MG132 inhibits the proteasomal degradation of unfolded proteins, in turn promoting the unfolded protein response and ER stress [22,23]. Therefore, SIRT1 may be involved in ATF4 synthesis when proteasomal degradation of unfolded and misfolded proteins is inhibited and ER stress increasingly develops owing to the accumulation of inappropriate proteins. The finding that SIRT1 does not affect the ATF4 mRNA level indicates that SIRT1-mediated regulation is not associated with transcriptional activation of the gene. SIRT1 may thus regulate ATF4 protein synthesis at the level of translation or post-translational degradation. Recent studies have shown that SIRT1 interacts with and suppresses the phosphorylation of eIF2α [9], raising the possibility that SIRT1-mediated regulation of ATF4 protein synthesis occurs via eIF2α phosphorylation. Phosphorylation of eIF2α attenuates the inhibitory action of the open reading frame on the 5’-untranslated region located upstream of ATF4 mRNA, leading to protein translation [4,16,28]. Several kinases, including PERK, GCN2, PKR, and HRI, are responsible for eIF2α phosphorylation. Under stress conditions where these kinases are activated, SIRT1 may inhibit their activities, leading to decreased eIF2α phosphorylation and subsequent ATF4 translation. Recently, a study closely related to ours reported that ATF4 upregulates SIRT1 expression through direct binding to the SIRT1 promoter [29]. These data, taken together with our presented data, provide evidence that SIRT1 regulates ATF expression in a post-transcriptional negative feedback loop.

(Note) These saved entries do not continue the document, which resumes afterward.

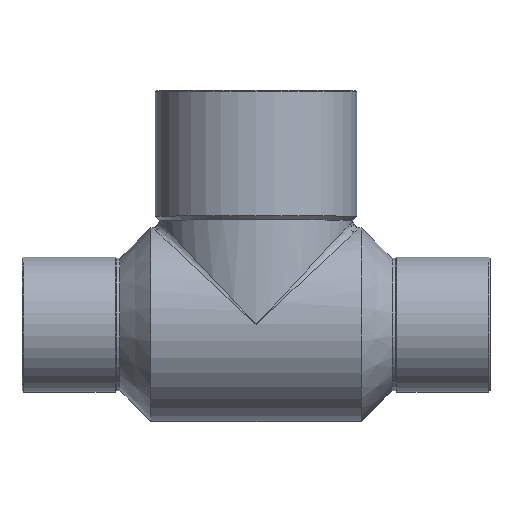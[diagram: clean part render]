
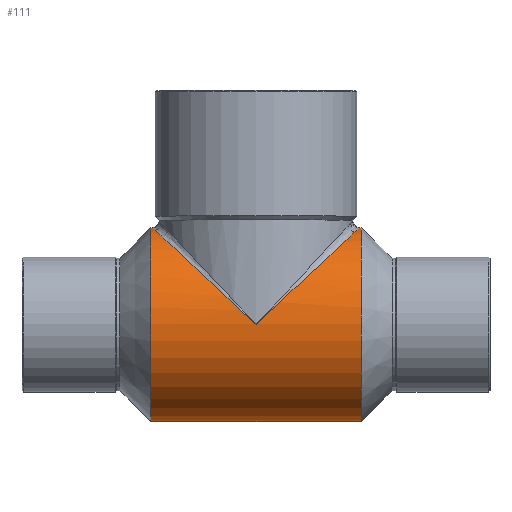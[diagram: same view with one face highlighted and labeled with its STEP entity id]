
A CAD part, top view. The second image highlights one B-rep face of the part: STEP entity #111.
In plain terms, the highlighted cylindrical face has radius 14.5 mm (diameter 29 mm), a partial arc.
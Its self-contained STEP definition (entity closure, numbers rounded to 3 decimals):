
#44=CARTESIAN_POINT('',(0.0,0.,0.0));
#45=DIRECTION('',(1.0,0.,0.0));
#46=DIRECTION('',(0.0,1.0,0.0));
#47=AXIS2_PLACEMENT_3D('',#44,#45,#46);
#48=CYLINDRICAL_SURFACE('',#47,14.5);
#49=CARTESIAN_POINT('',(-15.762,14.5,0.0));
#50=VERTEX_POINT('',#49);
#51=CARTESIAN_POINT('',(-15.5,14.5,0.));
#52=VERTEX_POINT('',#51);
#53=CARTESIAN_POINT('',(-15.762,14.5,0.0));
#54=DIRECTION('',(1.0,0.0,0.0));
#55=VECTOR('',#54,0.262);
#56=LINE('',#53,#55);
#57=EDGE_CURVE('',#50,#52,#56,.T.);
#58=ORIENTED_EDGE('',*,*,#57,.F.);
#59=CARTESIAN_POINT('',(-15.762,-14.5,0.));
#60=VERTEX_POINT('',#59);
#61=CARTESIAN_POINT('',(-15.762,0.,0.0));
#62=DIRECTION('',(1.0,0.0,0.0));
#63=DIRECTION('',(0.0,1.0,0.0));
#64=AXIS2_PLACEMENT_3D('',#61,#62,#63);
#65=CIRCLE('',#64,14.5);
#66=EDGE_CURVE('',#50,#60,#65,.T.);
#67=ORIENTED_EDGE('',*,*,#66,.T.);
#68=CARTESIAN_POINT('',(15.762,-14.5,0.));
#69=VERTEX_POINT('',#68);
#70=CARTESIAN_POINT('',(15.762,-14.5,0.));
#71=DIRECTION('',(-1.0,0.0,0.0));
#72=VECTOR('',#71,31.525);
#73=LINE('',#70,#72);
#74=EDGE_CURVE('',#69,#60,#73,.T.);
#75=ORIENTED_EDGE('',*,*,#74,.F.);
#76=CARTESIAN_POINT('',(15.762,14.5,0.0));
#77=VERTEX_POINT('',#76);
#78=CARTESIAN_POINT('',(15.762,0.,0.0));
#79=DIRECTION('',(-1.0,0.0,0.0));
#80=DIRECTION('',(0.0,1.0,0.0));
#81=AXIS2_PLACEMENT_3D('',#78,#79,#80);
#82=CIRCLE('',#81,14.5);
#83=EDGE_CURVE('',#69,#77,#82,.T.);
#84=ORIENTED_EDGE('',*,*,#83,.T.);
#85=CARTESIAN_POINT('',(15.5,14.5,0.));
#86=VERTEX_POINT('',#85);
#87=CARTESIAN_POINT('',(15.5,14.5,0.));
#88=DIRECTION('',(1.0,0.0,0.0));
#89=VECTOR('',#88,0.262);
#90=LINE('',#87,#89);
#91=EDGE_CURVE('',#86,#77,#90,.T.);
#92=ORIENTED_EDGE('',*,*,#91,.F.);
#93=CARTESIAN_POINT('',(0.,0.,14.5));
#94=VERTEX_POINT('',#93);
#95=CARTESIAN_POINT('',(0.0,0.,0.0));
#96=DIRECTION('',(-0.683,0.73,0.));
#97=DIRECTION('',(0.73,0.683,0.0));
#98=AXIS2_PLACEMENT_3D('',#95,#96,#97);
#99=ELLIPSE('',#98,21.225,14.5);
#100=EDGE_CURVE('',#94,#86,#99,.T.);
#101=ORIENTED_EDGE('',*,*,#100,.F.);
#102=CARTESIAN_POINT('',(0.0,0.,0.0));
#103=DIRECTION('',(0.683,0.73,0.));
#104=DIRECTION('',(-0.73,0.683,0.0));
#105=AXIS2_PLACEMENT_3D('',#102,#103,#104);
#106=ELLIPSE('',#105,21.225,14.5);
#107=EDGE_CURVE('',#52,#94,#106,.T.);
#108=ORIENTED_EDGE('',*,*,#107,.F.);
#109=EDGE_LOOP('',(#58,#67,#75,#84,#92,#101,#108));
#110=FACE_OUTER_BOUND('',#109,.T.);
#111=ADVANCED_FACE('',(#110),#48,.T.);

The ATF4 protein is stabilized via dissociation from β-TRCP E3 ligase, and affinity between the two proteins is also dependent on the phosphorylation of ATF4. RSK2, CK1, and CK2 are the suggested kinases responsible for phosphorylation of ATF4 protein [3,7,30,31]. P300 inhibits the interactions between ATF4 and β-TRCP E3 ligase, leading to dissociation of the two proteins [14]. Since SIRT1 counteracts p300 and regulates β-TRCP (unpublished data), we cannot rule out the possibility that SIRT1 participates in ATF4 protein stability. The facts that, under stress condition, SIRT1 controls nuclear translocation of transcription modulators including GAPDH [13] and ATF4 is translocated into the nucleus [27] further suggest the association of SIRT1 with ATF4. Thus, further efforts are required to solve the mechanisms underlying the modulation of cellular levels of ATF4 protein.